======== DATA LISTING
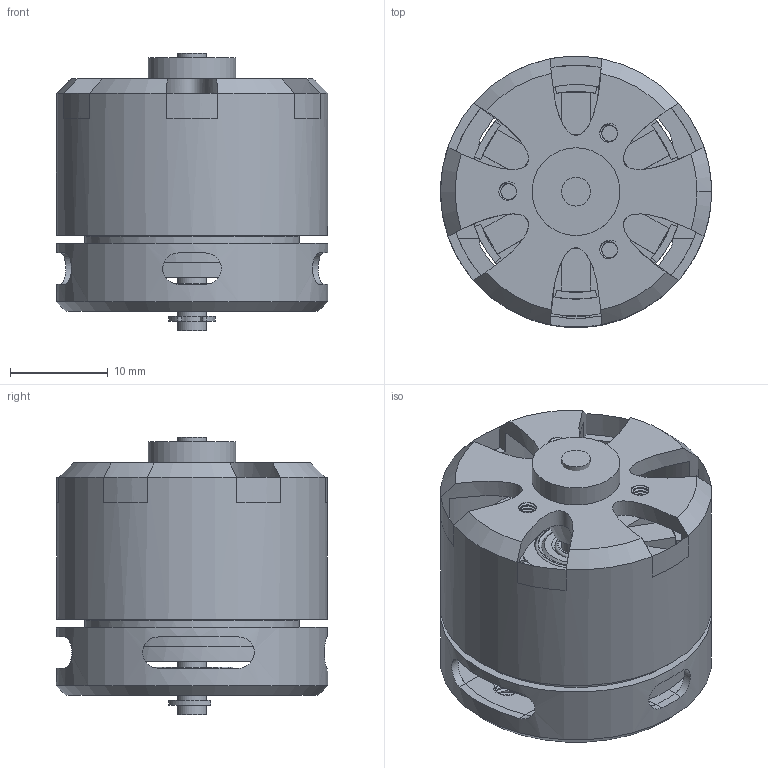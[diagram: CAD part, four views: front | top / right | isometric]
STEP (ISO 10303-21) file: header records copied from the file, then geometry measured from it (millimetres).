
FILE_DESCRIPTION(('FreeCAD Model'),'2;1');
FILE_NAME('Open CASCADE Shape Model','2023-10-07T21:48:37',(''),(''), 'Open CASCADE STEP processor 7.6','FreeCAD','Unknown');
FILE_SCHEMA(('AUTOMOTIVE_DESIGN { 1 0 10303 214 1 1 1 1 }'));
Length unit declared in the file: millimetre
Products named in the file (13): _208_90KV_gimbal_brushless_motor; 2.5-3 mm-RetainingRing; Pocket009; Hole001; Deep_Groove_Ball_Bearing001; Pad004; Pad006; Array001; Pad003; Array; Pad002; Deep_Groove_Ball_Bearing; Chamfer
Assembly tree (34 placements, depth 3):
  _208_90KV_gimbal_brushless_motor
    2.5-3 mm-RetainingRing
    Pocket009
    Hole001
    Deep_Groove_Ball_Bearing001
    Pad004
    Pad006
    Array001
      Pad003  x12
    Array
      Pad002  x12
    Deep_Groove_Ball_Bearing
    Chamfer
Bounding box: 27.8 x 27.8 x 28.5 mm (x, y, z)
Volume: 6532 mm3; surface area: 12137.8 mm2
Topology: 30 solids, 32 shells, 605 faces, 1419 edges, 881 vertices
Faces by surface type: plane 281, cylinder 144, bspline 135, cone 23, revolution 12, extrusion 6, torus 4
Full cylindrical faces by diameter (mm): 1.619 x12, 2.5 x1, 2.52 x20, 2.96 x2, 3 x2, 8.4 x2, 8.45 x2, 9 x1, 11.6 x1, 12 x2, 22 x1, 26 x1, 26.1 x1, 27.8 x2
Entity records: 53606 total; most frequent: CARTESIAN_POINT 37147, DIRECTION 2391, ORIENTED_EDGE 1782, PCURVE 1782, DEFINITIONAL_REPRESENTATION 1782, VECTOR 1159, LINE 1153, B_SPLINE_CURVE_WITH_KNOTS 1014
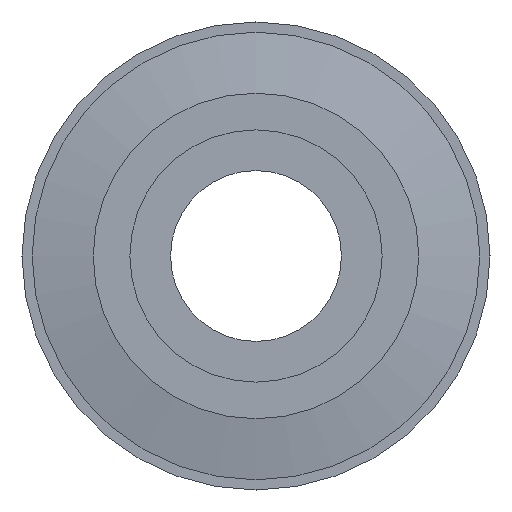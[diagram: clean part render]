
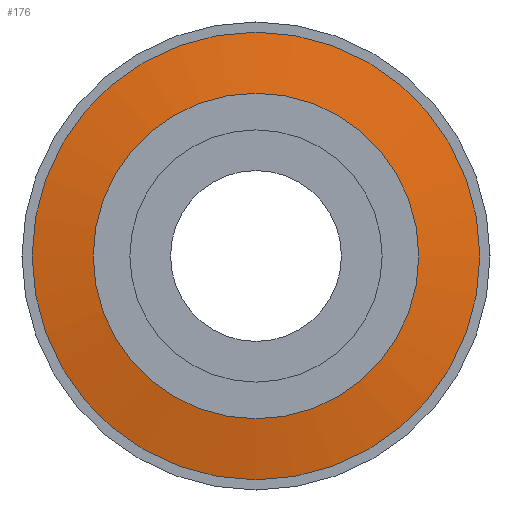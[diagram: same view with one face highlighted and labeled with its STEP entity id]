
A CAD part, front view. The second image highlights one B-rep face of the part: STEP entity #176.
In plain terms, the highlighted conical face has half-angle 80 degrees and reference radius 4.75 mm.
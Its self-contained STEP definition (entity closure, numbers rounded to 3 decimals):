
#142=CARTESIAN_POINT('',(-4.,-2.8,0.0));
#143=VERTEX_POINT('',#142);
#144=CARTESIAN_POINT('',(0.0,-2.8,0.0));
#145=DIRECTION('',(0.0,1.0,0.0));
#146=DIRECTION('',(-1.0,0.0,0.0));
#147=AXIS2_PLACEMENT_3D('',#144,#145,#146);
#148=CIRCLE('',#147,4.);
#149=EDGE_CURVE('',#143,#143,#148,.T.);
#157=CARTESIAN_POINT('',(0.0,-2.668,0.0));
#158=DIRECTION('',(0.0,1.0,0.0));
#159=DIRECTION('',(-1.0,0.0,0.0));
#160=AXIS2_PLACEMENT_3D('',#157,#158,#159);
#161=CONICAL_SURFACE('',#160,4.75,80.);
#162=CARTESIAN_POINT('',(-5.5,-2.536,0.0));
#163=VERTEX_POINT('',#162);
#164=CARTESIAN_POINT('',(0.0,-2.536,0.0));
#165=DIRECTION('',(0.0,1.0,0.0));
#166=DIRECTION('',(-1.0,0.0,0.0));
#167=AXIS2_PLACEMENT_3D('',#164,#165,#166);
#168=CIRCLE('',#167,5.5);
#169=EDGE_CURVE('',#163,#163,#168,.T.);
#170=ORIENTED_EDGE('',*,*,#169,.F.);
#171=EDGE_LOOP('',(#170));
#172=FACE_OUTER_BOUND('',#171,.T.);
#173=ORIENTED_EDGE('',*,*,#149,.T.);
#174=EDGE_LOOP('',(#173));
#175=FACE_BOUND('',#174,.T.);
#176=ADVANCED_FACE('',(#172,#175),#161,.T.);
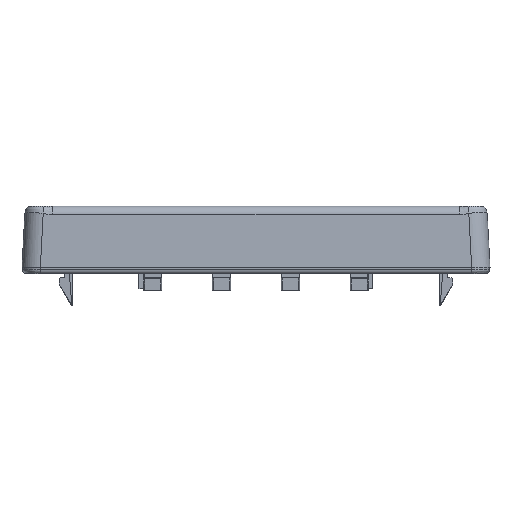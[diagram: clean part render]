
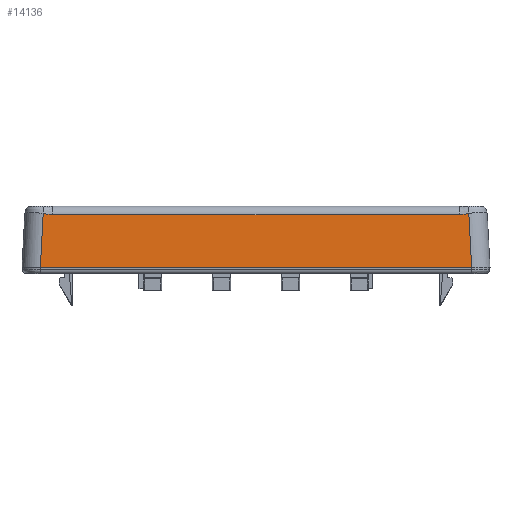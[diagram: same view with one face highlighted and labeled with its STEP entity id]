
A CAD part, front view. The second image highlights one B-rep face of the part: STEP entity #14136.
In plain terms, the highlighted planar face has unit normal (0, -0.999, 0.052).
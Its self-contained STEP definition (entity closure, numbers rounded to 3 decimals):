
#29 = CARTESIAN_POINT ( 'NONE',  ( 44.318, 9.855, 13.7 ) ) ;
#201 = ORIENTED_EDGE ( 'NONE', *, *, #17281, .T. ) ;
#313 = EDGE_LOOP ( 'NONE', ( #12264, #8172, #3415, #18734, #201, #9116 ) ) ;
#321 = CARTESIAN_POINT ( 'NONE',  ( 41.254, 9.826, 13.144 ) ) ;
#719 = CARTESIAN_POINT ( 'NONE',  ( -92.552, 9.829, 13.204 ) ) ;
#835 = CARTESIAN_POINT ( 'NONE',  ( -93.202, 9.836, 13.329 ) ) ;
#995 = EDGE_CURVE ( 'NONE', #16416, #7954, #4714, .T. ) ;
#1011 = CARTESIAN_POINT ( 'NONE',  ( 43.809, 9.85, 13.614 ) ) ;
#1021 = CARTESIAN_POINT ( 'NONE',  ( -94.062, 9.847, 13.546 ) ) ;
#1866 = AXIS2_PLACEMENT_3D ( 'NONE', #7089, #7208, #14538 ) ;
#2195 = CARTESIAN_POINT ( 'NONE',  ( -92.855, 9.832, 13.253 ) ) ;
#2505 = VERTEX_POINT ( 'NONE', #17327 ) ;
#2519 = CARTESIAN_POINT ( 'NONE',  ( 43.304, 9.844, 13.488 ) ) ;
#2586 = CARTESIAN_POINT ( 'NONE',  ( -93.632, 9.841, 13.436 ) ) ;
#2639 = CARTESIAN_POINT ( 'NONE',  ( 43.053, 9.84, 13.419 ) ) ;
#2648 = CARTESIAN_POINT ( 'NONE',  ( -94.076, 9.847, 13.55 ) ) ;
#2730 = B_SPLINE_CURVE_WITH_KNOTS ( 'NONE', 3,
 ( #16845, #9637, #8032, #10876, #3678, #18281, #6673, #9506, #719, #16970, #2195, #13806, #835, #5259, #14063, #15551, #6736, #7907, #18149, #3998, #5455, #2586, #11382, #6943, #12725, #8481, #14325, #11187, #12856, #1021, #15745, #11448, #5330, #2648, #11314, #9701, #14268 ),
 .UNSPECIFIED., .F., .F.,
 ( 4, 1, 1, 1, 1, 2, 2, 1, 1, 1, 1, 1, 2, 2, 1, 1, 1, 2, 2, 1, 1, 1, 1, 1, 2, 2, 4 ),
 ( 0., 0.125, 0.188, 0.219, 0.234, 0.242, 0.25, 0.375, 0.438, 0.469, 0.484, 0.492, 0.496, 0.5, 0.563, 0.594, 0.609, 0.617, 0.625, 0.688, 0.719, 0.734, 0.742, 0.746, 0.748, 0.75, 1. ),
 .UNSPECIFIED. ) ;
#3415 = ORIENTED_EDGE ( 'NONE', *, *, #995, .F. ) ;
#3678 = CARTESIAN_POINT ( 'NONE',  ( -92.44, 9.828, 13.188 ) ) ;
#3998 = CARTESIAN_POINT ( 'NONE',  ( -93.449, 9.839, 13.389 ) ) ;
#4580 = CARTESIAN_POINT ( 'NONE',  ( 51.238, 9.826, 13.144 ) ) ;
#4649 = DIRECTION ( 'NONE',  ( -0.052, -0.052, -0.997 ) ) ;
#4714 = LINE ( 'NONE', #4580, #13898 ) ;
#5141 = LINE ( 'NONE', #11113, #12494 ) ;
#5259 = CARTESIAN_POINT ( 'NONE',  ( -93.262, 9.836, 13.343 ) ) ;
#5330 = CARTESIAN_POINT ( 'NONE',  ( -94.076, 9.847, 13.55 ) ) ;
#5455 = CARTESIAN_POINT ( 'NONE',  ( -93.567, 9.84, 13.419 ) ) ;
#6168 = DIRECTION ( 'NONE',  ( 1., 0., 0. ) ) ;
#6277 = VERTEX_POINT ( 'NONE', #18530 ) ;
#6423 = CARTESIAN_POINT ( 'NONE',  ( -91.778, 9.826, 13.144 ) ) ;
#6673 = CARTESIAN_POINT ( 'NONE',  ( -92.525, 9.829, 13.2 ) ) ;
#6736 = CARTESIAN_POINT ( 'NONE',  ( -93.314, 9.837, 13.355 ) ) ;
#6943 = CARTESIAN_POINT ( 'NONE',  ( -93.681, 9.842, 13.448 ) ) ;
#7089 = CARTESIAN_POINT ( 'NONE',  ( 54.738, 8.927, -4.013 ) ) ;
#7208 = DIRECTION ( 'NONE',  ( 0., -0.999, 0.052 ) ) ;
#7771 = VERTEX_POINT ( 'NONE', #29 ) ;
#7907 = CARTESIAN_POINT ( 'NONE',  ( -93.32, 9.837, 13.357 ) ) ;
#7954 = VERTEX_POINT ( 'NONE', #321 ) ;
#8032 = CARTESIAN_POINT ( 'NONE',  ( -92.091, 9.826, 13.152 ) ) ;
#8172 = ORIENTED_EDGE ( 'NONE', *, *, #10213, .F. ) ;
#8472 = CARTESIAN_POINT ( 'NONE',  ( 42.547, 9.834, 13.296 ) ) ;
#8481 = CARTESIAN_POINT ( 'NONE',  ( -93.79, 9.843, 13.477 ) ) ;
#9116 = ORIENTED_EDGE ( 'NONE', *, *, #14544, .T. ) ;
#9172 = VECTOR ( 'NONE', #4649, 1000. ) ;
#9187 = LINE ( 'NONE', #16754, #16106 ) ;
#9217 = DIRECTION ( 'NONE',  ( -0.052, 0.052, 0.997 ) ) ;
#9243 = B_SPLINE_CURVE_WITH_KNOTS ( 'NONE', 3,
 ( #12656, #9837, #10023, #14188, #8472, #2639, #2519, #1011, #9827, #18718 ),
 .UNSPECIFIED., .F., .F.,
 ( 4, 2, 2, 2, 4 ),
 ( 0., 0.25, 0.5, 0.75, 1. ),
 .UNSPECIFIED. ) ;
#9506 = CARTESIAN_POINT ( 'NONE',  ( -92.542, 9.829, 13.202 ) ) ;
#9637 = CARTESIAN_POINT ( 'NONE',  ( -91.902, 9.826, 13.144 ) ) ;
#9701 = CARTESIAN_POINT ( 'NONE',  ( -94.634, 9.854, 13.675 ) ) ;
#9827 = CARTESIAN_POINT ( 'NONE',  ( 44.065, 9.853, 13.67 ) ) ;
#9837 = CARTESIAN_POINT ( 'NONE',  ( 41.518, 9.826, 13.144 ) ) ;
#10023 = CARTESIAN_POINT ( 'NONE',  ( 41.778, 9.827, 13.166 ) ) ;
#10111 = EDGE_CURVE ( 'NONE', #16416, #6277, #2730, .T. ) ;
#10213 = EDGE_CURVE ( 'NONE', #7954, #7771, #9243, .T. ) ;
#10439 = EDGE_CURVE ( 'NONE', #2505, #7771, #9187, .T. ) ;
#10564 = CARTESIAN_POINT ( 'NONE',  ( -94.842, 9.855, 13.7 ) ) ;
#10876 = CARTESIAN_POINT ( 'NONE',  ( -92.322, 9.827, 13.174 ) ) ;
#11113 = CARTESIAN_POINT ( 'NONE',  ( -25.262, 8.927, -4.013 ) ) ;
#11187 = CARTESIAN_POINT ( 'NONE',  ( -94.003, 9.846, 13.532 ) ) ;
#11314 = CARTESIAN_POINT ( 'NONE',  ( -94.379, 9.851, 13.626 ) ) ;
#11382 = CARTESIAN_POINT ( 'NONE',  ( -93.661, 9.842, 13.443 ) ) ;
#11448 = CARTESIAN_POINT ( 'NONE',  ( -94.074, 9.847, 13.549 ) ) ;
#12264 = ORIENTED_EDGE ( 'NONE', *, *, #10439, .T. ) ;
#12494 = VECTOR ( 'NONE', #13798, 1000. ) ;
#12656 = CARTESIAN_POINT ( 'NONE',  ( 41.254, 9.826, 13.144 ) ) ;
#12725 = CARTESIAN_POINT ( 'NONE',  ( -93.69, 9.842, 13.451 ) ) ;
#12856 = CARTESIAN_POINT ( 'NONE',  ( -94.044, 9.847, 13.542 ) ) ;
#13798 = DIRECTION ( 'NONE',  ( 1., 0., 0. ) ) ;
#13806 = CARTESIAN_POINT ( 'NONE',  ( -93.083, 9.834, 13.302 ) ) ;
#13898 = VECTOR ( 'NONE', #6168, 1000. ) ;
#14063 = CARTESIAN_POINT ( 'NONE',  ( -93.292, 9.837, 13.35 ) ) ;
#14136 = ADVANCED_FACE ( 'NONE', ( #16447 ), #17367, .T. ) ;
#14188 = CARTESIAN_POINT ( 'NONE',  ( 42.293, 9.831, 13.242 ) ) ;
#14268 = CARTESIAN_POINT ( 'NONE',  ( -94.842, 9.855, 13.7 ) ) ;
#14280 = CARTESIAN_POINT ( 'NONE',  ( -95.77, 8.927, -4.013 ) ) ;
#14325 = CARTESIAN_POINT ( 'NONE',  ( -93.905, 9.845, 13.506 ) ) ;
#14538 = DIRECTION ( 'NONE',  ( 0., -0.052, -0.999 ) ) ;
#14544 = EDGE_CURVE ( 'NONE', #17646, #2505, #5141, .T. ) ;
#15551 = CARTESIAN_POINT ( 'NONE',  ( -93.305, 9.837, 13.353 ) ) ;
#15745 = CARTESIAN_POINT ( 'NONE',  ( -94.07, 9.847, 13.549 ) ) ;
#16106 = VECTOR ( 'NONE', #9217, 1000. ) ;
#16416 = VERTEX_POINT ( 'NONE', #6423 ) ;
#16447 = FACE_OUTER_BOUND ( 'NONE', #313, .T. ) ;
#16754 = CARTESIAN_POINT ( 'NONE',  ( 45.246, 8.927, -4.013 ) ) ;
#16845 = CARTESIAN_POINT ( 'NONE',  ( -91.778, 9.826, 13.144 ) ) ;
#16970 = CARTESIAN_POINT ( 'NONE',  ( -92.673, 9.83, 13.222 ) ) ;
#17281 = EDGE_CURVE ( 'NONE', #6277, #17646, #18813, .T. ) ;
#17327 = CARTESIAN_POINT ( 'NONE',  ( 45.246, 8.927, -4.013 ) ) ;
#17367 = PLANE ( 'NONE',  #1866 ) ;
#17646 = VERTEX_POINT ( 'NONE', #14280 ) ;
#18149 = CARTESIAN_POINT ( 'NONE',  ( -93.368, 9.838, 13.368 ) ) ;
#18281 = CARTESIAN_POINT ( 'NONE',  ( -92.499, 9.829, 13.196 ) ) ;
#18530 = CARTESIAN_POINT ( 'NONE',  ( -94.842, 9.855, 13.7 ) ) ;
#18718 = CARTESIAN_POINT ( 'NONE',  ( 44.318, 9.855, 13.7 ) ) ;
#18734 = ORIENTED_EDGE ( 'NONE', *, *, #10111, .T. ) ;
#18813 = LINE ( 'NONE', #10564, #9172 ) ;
================
▶ [EXERCISE PROMPT] Exact repetition required: repeat the first line of the listing above, the line containing "FILE_DESCRIPTION(('FreeCAD Model'),'2;1');", and every line between, leaving out pictures.

▶ [SOLUTION BELOW]
[diagram: CAD part, four views: front | top / right | isometric]
STEP (ISO 10303-21) file: header records copied from the file, then geometry measured from it (millimetres).
FILE_DESCRIPTION(('FreeCAD Model'),'2;1');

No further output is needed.